◆ RECORDS:

- Opening Delimiter -

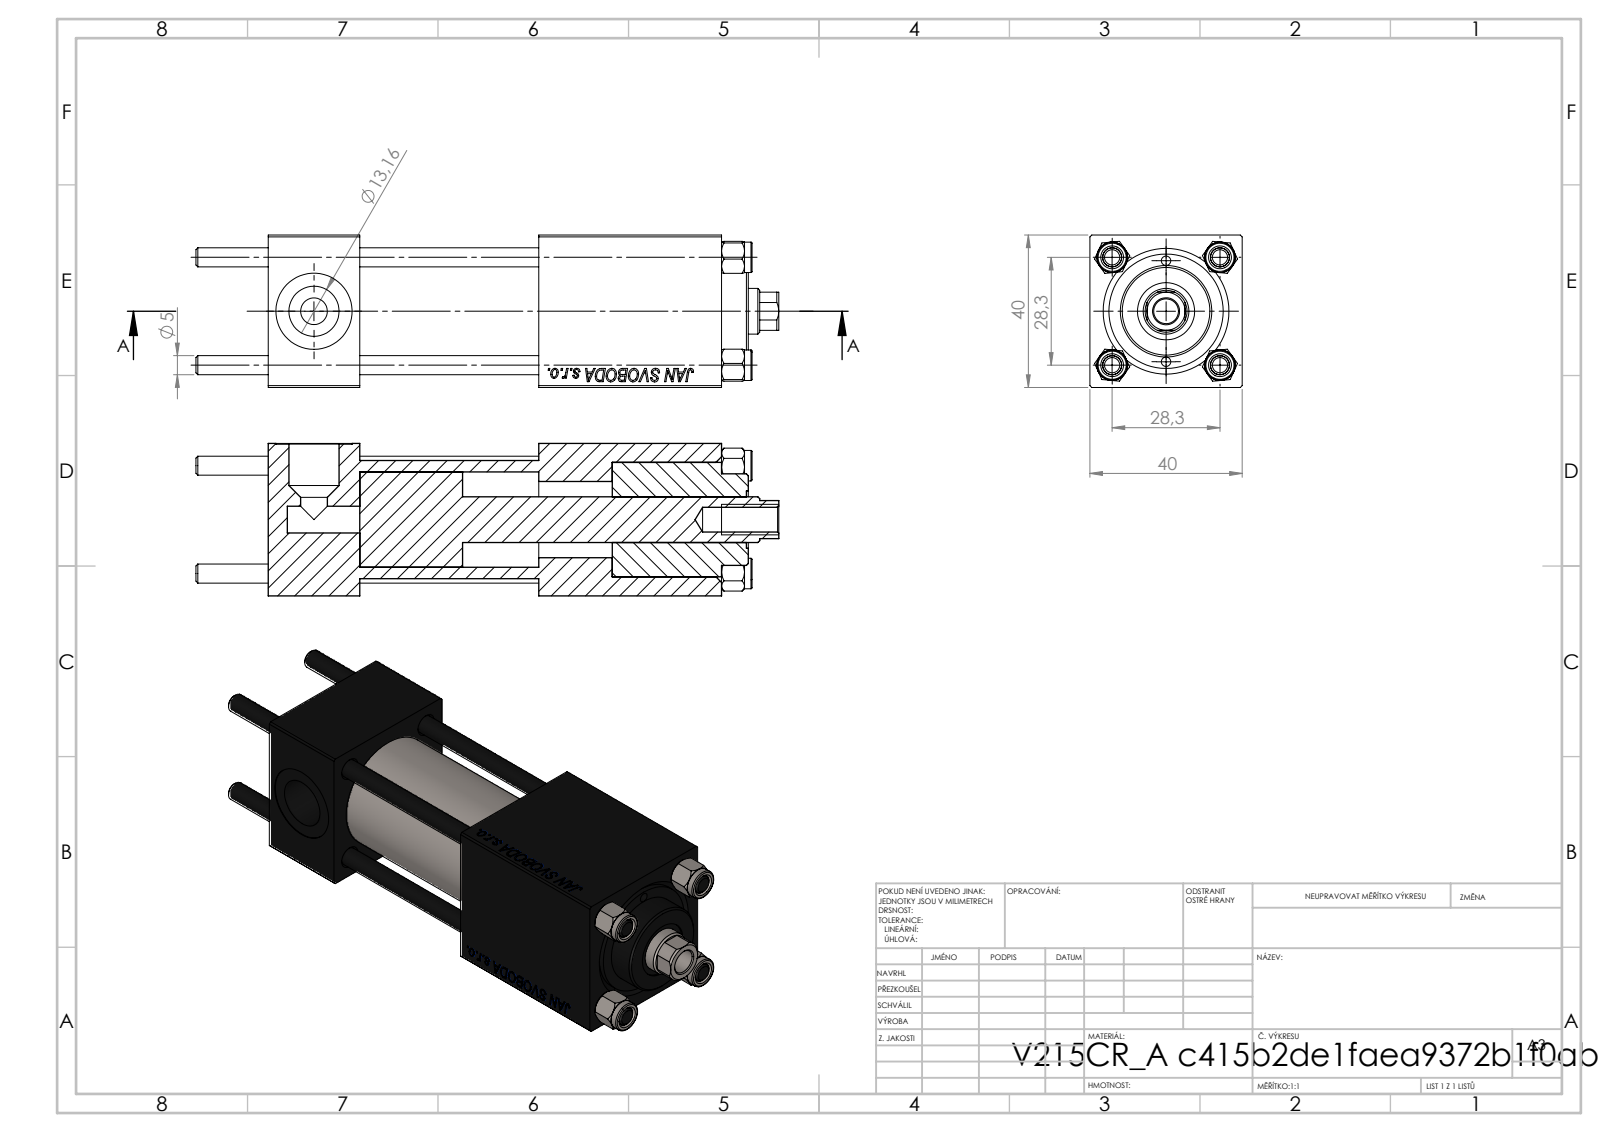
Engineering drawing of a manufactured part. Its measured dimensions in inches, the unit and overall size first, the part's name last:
Units: inches
Overall size (bounding box): 6.024 × 1.575 × 1.575
Round holes (diameter × count): ⌀0.197 ×4, ⌀0.787 ×3, ⌀0.098 ×2, ⌀0.276 ×2, ⌀0.518 ×2, ⌀0.256 ×1, ⌀0.472 ×1, ⌀0.591 ×1, ⌀0.984 ×1, ⌀1.181 ×1
Round bosses / shafts (diameter × count): ⌀0.315 ×4, ⌀1.22 ×1, ⌀0.945 ×1
Partial cylindrical surfaces — rounded edges, fillets, slot ends (radius × count): R0.217 ×1
Main face-to-face distances: 1.575, 0.945, 3.555, 2.61, 4.685, 3.74, 1.13, 2.795, 1.85, 0.76
Hole centre spacings: 0.558, 0.788, 1.114, 1.214, 0.522, 1.576, 1.043
Volume: 8.83 in³ · Surface area: 91.37 in²
Bodies: 11 solids, 1138 faces (519 planar, 83 cylindrical, 536 other)
Part name (STEP PRODUCT): V215_VC_A; V215CR_BODY_A; V215CR_VCP; CR025_012_A_0_G_A_G_M_020_+#_##_TYCINKA (+1 more)
STEP written by: SolidWorks 2019 (CONFIG_CONTROL_DESIGN)
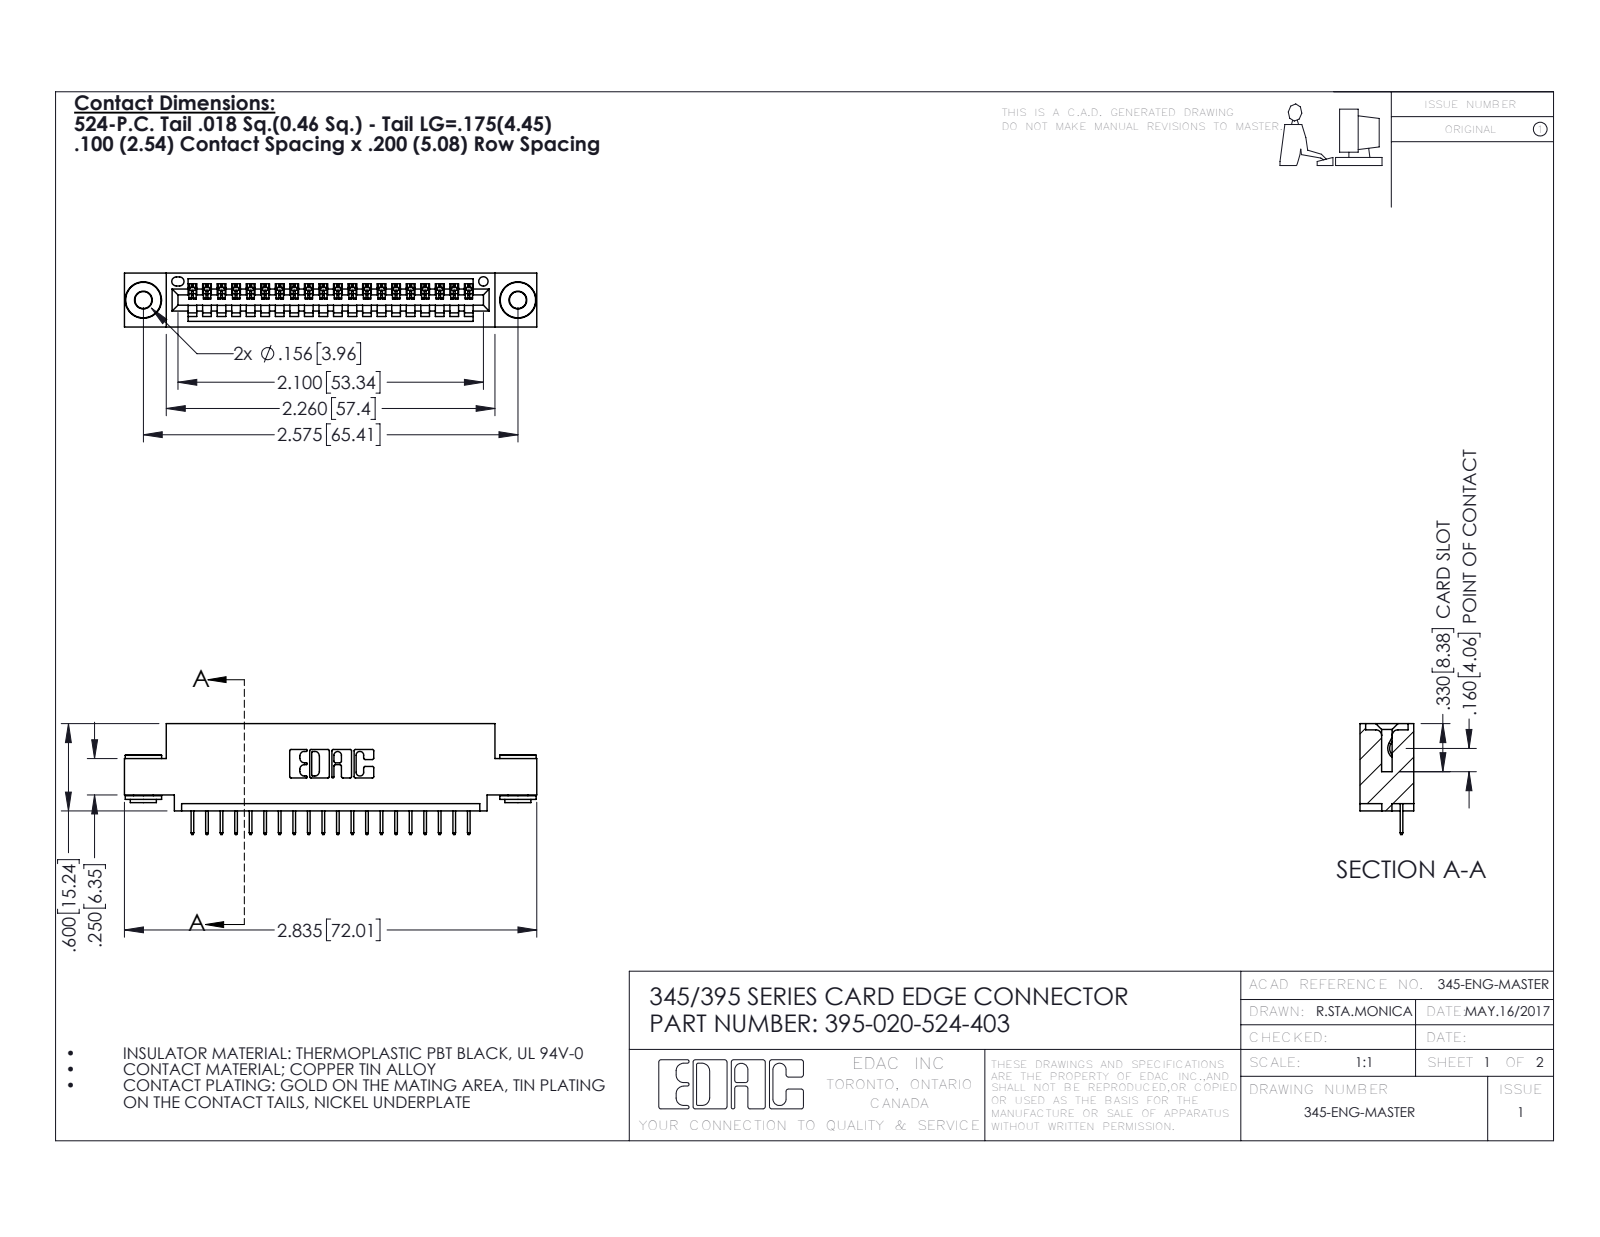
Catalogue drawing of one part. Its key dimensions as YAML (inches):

- Closing Delimiter -

◆ PROMPT:
Transcribe each entry above exactly, apart from the pictures.

◆ SOLUTION TO THIS EXERCISE:
Engineering drawing of a manufactured part. Its measured dimensions in inches, the unit and overall size first, the part's name last:
Units: inches
Overall size (bounding box): 6.024 × 1.575 × 1.575
Round holes (diameter × count): ⌀0.197 ×4, ⌀0.787 ×3, ⌀0.098 ×2, ⌀0.276 ×2, ⌀0.518 ×2, ⌀0.256 ×1, ⌀0.472 ×1, ⌀0.591 ×1, ⌀0.984 ×1, ⌀1.181 ×1
Round bosses / shafts (diameter × count): ⌀0.315 ×4, ⌀1.22 ×1, ⌀0.945 ×1
Partial cylindrical surfaces — rounded edges, fillets, slot ends (radius × count): R0.217 ×1
Main face-to-face distances: 1.575, 0.945, 3.555, 2.61, 4.685, 3.74, 1.13, 2.795, 1.85, 0.76
Hole centre spacings: 0.558, 0.788, 1.114, 1.214, 0.522, 1.576, 1.043
Volume: 8.83 in³ · Surface area: 91.37 in²
Bodies: 11 solids, 1138 faces (519 planar, 83 cylindrical, 536 other)
Part name (STEP PRODUCT): V215_VC_A; V215CR_BODY_A; V215CR_VCP; CR025_012_A_0_G_A_G_M_020_+#_##_TYCINKA (+1 more)
STEP written by: SolidWorks 2019 (CONFIG_CONTROL_DESIGN)
Catalogue drawing of one part. Its key dimensions as YAML (inches):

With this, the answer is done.